------ GIVEN RECORDS

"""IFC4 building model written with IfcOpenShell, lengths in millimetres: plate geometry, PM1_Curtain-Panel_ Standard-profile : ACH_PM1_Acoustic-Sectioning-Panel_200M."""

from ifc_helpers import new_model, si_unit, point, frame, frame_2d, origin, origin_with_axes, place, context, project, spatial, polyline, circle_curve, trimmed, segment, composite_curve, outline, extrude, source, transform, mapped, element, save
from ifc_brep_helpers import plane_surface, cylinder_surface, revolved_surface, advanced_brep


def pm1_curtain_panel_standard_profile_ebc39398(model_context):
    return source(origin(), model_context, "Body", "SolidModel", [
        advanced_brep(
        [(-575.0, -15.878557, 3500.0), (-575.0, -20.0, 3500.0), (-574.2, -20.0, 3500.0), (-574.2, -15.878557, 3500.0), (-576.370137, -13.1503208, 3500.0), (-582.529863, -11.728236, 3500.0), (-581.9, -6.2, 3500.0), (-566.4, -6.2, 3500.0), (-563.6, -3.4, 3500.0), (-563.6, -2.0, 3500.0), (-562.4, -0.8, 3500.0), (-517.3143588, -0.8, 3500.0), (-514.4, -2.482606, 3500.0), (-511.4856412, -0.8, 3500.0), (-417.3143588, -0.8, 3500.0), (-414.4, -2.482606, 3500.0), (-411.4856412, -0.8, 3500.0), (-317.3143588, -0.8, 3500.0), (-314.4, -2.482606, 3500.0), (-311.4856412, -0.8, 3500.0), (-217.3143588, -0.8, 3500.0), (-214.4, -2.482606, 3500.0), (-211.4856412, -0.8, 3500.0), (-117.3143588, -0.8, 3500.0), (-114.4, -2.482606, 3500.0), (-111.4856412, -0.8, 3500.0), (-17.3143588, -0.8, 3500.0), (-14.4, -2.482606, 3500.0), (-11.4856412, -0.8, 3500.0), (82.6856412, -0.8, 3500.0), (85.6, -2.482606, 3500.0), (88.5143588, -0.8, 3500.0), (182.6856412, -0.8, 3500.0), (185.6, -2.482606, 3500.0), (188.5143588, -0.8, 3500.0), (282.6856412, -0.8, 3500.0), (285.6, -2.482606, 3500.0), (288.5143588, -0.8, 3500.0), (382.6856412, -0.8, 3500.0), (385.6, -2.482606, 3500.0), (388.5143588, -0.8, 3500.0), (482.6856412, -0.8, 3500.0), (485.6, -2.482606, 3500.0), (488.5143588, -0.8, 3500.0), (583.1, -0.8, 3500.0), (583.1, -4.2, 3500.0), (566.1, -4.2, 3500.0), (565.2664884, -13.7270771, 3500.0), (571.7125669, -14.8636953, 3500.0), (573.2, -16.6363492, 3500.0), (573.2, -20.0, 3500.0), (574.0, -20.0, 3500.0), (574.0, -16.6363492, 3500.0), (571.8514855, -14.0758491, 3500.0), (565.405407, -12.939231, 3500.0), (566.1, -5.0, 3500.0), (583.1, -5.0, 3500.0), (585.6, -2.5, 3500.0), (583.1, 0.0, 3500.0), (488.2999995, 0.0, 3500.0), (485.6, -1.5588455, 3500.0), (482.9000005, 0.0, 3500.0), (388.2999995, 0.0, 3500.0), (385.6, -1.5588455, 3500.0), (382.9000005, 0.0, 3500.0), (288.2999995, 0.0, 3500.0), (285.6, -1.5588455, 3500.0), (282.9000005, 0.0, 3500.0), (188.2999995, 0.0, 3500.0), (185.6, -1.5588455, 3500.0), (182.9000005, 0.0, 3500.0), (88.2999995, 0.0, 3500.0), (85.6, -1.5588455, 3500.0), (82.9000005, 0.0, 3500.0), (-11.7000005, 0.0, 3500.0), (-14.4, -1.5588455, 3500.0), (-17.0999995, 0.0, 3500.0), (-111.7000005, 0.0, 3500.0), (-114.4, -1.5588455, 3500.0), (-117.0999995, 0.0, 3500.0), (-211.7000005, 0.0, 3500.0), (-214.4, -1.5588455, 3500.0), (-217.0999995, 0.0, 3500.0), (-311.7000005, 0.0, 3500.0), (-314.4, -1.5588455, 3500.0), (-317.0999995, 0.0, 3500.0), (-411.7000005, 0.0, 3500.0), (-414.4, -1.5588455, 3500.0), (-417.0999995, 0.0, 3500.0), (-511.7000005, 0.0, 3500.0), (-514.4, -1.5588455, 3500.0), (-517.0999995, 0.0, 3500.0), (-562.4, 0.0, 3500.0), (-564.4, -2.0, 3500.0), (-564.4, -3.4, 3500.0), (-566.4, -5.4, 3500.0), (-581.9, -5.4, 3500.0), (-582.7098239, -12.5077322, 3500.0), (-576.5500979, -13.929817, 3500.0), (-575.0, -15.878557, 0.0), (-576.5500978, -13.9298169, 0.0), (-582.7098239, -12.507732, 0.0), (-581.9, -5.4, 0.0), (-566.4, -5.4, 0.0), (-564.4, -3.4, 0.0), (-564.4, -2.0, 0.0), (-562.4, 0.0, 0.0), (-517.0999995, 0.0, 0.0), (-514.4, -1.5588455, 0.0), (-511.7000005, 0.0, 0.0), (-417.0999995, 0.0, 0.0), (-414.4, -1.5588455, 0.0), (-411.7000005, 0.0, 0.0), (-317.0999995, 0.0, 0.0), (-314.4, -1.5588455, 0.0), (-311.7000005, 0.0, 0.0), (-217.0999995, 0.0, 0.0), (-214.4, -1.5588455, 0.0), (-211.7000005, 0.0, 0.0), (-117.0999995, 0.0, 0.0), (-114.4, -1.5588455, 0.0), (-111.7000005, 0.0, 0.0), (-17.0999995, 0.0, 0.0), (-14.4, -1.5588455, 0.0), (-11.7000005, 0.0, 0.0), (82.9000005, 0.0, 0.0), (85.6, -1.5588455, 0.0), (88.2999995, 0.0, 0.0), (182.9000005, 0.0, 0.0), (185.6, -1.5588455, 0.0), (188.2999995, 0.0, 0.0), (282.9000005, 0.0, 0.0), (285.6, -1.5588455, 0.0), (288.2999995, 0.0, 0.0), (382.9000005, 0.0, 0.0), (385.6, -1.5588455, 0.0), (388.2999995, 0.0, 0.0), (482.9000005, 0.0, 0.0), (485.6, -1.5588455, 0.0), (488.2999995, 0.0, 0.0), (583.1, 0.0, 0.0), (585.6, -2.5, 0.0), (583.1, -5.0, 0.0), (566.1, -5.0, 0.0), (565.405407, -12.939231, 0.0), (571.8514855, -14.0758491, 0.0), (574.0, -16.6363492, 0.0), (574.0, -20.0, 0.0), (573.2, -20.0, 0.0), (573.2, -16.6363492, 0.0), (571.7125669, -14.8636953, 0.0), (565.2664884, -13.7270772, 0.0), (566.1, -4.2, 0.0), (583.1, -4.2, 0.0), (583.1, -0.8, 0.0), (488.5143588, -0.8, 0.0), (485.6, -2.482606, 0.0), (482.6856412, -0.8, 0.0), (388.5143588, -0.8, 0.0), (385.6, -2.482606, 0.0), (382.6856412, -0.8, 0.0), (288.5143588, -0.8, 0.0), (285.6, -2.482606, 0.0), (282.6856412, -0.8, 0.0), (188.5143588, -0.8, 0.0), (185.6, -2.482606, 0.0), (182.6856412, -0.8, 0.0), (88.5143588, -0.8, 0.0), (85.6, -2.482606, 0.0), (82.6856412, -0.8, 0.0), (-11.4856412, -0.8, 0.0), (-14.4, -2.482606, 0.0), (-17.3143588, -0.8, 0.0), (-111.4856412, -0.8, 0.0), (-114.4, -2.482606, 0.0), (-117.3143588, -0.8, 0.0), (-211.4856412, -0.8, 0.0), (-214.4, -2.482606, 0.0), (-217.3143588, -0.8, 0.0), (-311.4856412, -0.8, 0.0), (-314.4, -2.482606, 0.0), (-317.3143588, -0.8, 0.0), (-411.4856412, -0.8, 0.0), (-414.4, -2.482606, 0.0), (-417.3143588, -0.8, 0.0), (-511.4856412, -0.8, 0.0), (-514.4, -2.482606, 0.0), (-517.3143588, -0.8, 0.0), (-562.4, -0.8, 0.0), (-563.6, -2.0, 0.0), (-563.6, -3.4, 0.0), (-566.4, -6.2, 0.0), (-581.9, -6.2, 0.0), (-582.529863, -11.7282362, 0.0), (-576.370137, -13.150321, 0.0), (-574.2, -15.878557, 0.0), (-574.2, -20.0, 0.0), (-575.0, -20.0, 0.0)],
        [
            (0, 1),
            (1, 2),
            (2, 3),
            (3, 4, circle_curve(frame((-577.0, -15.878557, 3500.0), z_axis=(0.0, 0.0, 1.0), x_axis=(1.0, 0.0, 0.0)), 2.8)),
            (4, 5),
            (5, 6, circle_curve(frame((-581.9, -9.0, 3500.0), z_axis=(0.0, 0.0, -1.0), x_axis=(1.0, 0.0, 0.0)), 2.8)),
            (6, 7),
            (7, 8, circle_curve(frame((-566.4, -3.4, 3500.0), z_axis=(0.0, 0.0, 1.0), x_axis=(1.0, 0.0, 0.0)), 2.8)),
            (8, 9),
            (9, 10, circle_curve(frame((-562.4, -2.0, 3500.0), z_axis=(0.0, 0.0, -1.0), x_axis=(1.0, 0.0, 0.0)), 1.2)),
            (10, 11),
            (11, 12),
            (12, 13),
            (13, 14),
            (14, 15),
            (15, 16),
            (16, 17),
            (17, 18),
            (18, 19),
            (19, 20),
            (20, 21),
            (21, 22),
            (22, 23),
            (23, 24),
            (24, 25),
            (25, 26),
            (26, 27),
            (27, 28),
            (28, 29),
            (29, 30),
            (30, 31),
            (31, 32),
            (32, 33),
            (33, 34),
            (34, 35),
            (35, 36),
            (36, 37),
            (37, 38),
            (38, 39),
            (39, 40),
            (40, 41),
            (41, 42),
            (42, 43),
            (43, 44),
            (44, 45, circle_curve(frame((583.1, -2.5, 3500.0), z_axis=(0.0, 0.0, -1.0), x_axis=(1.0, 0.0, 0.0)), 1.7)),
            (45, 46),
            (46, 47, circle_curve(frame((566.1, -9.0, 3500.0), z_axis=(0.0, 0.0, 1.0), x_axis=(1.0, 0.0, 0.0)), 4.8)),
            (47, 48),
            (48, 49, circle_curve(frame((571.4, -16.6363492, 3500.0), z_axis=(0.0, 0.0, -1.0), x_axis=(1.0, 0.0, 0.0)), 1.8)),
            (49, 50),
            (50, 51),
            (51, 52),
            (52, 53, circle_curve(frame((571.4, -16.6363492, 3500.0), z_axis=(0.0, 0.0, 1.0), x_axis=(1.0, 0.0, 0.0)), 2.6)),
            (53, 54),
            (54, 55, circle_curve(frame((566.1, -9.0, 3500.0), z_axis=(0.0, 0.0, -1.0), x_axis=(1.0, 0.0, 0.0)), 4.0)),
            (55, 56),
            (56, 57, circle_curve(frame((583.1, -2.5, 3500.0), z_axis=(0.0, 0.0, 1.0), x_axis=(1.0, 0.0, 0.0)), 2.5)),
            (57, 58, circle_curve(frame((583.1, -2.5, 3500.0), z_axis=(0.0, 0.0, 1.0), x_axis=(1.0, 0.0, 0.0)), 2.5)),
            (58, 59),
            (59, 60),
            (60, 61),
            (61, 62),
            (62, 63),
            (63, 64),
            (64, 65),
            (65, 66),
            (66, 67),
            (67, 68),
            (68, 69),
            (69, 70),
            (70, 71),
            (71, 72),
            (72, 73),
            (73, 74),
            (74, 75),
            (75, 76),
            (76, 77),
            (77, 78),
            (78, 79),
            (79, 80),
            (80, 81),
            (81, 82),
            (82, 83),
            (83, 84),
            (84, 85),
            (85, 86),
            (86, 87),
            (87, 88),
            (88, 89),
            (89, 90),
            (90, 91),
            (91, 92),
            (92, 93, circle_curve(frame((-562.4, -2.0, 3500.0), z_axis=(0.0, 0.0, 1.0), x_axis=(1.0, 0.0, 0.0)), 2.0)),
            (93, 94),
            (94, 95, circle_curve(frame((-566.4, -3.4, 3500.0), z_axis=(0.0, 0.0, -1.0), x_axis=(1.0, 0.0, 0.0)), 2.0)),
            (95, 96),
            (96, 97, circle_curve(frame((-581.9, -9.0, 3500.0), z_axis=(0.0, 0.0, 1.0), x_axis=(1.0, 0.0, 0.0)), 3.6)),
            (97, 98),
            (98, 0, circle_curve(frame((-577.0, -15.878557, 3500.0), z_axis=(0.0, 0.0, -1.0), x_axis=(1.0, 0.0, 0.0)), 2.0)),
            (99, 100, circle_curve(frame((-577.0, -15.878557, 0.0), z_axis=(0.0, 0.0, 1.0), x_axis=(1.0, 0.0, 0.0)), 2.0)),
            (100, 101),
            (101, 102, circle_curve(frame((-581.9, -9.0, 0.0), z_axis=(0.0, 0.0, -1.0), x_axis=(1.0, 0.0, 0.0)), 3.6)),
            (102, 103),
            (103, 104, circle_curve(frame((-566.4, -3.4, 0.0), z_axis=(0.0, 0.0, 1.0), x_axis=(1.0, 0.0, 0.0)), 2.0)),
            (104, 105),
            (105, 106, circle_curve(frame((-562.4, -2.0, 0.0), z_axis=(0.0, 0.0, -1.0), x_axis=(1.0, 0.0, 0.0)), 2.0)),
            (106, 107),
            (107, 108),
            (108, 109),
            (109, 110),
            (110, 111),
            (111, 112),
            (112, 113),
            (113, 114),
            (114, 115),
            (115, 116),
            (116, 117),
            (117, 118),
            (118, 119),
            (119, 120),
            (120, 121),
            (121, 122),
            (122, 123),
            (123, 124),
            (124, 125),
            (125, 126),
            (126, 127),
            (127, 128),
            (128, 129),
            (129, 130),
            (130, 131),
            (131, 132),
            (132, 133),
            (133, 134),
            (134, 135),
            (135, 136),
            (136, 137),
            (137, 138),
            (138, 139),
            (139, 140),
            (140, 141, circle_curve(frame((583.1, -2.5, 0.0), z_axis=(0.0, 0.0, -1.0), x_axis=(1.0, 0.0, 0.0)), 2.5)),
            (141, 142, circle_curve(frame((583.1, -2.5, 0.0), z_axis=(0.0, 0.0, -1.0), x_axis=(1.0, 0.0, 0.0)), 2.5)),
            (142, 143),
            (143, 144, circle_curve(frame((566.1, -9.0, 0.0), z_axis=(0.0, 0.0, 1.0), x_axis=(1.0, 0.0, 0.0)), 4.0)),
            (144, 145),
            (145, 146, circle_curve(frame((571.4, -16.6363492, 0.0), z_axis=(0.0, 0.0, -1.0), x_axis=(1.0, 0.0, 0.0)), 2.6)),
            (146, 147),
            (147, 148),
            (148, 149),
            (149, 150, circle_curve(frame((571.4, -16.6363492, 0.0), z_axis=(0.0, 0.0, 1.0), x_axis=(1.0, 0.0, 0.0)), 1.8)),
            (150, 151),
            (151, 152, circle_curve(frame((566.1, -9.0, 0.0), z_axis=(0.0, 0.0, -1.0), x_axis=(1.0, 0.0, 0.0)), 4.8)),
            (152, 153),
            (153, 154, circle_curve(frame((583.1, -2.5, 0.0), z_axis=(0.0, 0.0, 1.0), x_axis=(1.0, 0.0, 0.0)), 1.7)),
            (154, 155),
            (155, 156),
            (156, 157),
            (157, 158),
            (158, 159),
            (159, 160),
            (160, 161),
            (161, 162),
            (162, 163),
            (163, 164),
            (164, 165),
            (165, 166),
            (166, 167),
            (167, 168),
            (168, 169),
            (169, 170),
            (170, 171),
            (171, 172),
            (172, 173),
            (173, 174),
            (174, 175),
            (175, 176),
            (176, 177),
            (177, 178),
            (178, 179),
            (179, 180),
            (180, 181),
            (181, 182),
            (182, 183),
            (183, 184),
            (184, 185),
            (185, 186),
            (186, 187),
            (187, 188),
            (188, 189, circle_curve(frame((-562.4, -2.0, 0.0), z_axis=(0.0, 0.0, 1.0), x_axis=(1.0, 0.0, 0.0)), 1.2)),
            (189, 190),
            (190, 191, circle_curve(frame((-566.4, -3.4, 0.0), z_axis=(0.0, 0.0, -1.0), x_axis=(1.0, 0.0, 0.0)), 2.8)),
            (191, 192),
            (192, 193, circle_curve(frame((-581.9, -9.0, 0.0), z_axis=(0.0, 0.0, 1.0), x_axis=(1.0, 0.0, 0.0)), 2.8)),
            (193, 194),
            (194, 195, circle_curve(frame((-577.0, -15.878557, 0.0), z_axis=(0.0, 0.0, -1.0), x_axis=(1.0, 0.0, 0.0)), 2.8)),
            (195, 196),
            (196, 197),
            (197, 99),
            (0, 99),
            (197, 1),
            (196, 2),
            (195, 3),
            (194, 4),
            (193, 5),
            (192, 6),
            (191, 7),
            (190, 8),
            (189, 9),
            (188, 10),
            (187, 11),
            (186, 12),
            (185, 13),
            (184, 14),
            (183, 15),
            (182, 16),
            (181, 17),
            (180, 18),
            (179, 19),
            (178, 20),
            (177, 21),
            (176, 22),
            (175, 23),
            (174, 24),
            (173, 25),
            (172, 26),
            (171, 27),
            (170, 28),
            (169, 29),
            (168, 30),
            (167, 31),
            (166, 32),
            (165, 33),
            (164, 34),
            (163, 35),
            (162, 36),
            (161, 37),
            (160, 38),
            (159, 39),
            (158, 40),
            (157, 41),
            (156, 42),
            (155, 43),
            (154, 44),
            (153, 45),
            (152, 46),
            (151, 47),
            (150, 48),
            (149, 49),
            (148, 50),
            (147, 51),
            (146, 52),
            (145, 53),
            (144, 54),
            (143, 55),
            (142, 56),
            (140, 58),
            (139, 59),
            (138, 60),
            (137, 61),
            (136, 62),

------------

EXERCISE
Pick out and copy the lines of the material that include the word "import".

ANSWER TO THIS PROBLEM
from ifc_helpers import new_model, si_unit, point, frame, frame_2d, origin, origin_with_axes, place, context, project, spatial, polyline, circle_curve, trimmed, segment, composite_curve, outline, extrude, source, transform, mapped, element, save
from ifc_brep_helpers import plane_surface, cylinder_surface, revolved_surface, advanced_brep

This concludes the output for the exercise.